The Case for CASB: Healthcare


This post was originally published here by Rich Campagna.

Over the past couple of years, Cloud Access Security Brokers (CASBs) have gone from a nascent, barely known technology to the de facto standard for secure public cloud enablement in every enterprise vertical. Early on, it’s tough to draw patterns across industries, but once you have a few hundred enterprise deployments under your belt, it becomes quite interesting to observe how organizations in one industry use the same technology (CASBs) in an entirely different way than organizations in another industry. 

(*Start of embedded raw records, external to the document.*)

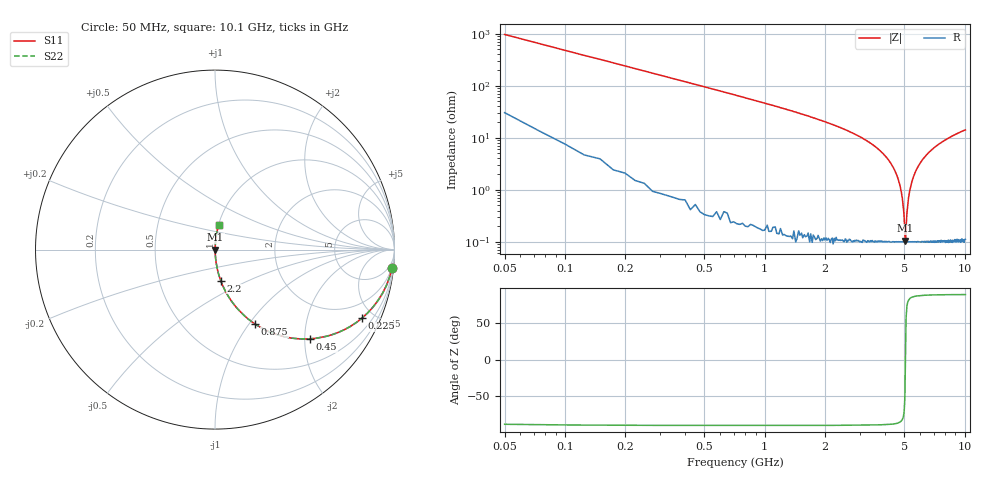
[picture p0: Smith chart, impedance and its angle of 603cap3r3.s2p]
! AVX Thin Film Operation		Date: November 2004
! Description: Accu-P® Series, Thin Film, SMD, RF Capacitor
! Part Number: 06035J3R3ABT
! 50 MHz  -  10.05 GHz
! Serial Measurements
# hz S db R 50
!	S11		S21		S12		S22
!	dB	Phase	dB	Phase	dB	Phase	dB	Phase
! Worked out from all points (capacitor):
!   400 points, 50 MHz to 10.1 GHz, reference 50 ohm
!   read as one part in series: C = 3.3 pF near 100 MHz
!   lowest |Z| = 105 mohm at 5.05 GHz (marker M1)
!   series resonance near 5.06 GHz, so ESL is about 300 pH
!   S11 on the Smith chart (normalised r, x): 50 MHz: 2, -19; 225 MHz: 1.03, -4.27; 450 MHz: 1.01, -2.13; 875 MHz: 1.00, -1.07; 2.2 GHz: 1.00, -0.36; 10.1 GHz: 1.00, +0.28
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5e7  -0.08 -5.9  -19.80 82.3  -19.80 82.3  -0.08 -5.9
1.25e8  -0.31 -14.5  -12.00 74.8  -12.00 74.8  -0.31 -14.5
2.25e8  -0.88 -25.0  -7.49 64.6  -7.49 64.6  -0.88 -25.0
4.5e8  -2.77 -43.1  -3.30 46.6  -3.30 46.6  -2.77 -43.1
8.75e8  -6.54 -61.7  -1.11 28.1  -1.11 28.1  -6.54 -61.7
1.73e9  -12.40 -75.9  -0.27 13.9  -0.27 13.9  -12.40 -75.9
2.2e9  -15.10 -79.6  -0.14 10.1  -0.14 10.1  -15.10 -79.6
3.4e9  -22.20 -84.8  -0.04 4.4  -0.04 4.4  -22.20 -84.8
4.28e9  -29.80 -86.4  -0.01 1.8  -0.01 1.8  -29.80 -86.4
4.68e9  -36.40 -85.3  -0.01 0.9  -0.01 0.9  -36.40 -85.3
4.93e9  -45.70 -78.6  -0.01 0.3  -0.01 0.3  -45.70 -78.6
4.98e9  -49.60 -72.3  -0.01 0.2  -0.01 0.2  -49.60 -72.3
5.05e9  -59.60 -17.3  -0.01 0.0  -0.01 0.0  -59.60 -17.3
5.08e9  -58.60 32.2  -0.01 -0.0  -0.01 -0.0  -58.60 32.2
5.1e9  -54.60 57.4  -0.01 -0.1  -0.01 -0.1  -54.60 57.4
5.15e9  -49.00 73.5  -0.01 -0.2  -0.01 -0.2  -49.00 73.5
5.2e9  -45.40 79.0  -0.01 -0.3  -0.01 -0.3  -45.40 79.0
5.45e9  -36.90 85.2  -0.01 -0.8  -0.01 -0.8  -36.90 85.2
5.9e9  -30.60 86.4  -0.01 -1.7  -0.01 -1.7  -30.60 86.4
6.75e9  -25.10 85.8  -0.02 -3.2  -0.02 -3.2  -25.10 85.8
8.43e9  -19.90 83.6  -0.05 -5.8  -0.05 -5.8  -19.90 83.6
1.01e10  -17.10 81.5  -0.10 -8.0  -0.10 -8.0  -17.10 81.5

With that in mind, I’m creating a series of blog posts to cover some of the key differences in CASB usage that we see across industries. First up? Healthcare.

Like most industries, healthcare organizations are adopting cloud applications at a very rapid clip. Most start with major SaaS applications (like Office 365), but once they get a handling on security and compliance, start expanding their cloud footprint, with even applications like Electronic Medical Record (EMR) systems moving to the cloud. Across this massive change, the organization must still comply with HIPAA – no small feat. 

So what are the big security and compliance drivers that lead healthcare organizations to adopt a CASB?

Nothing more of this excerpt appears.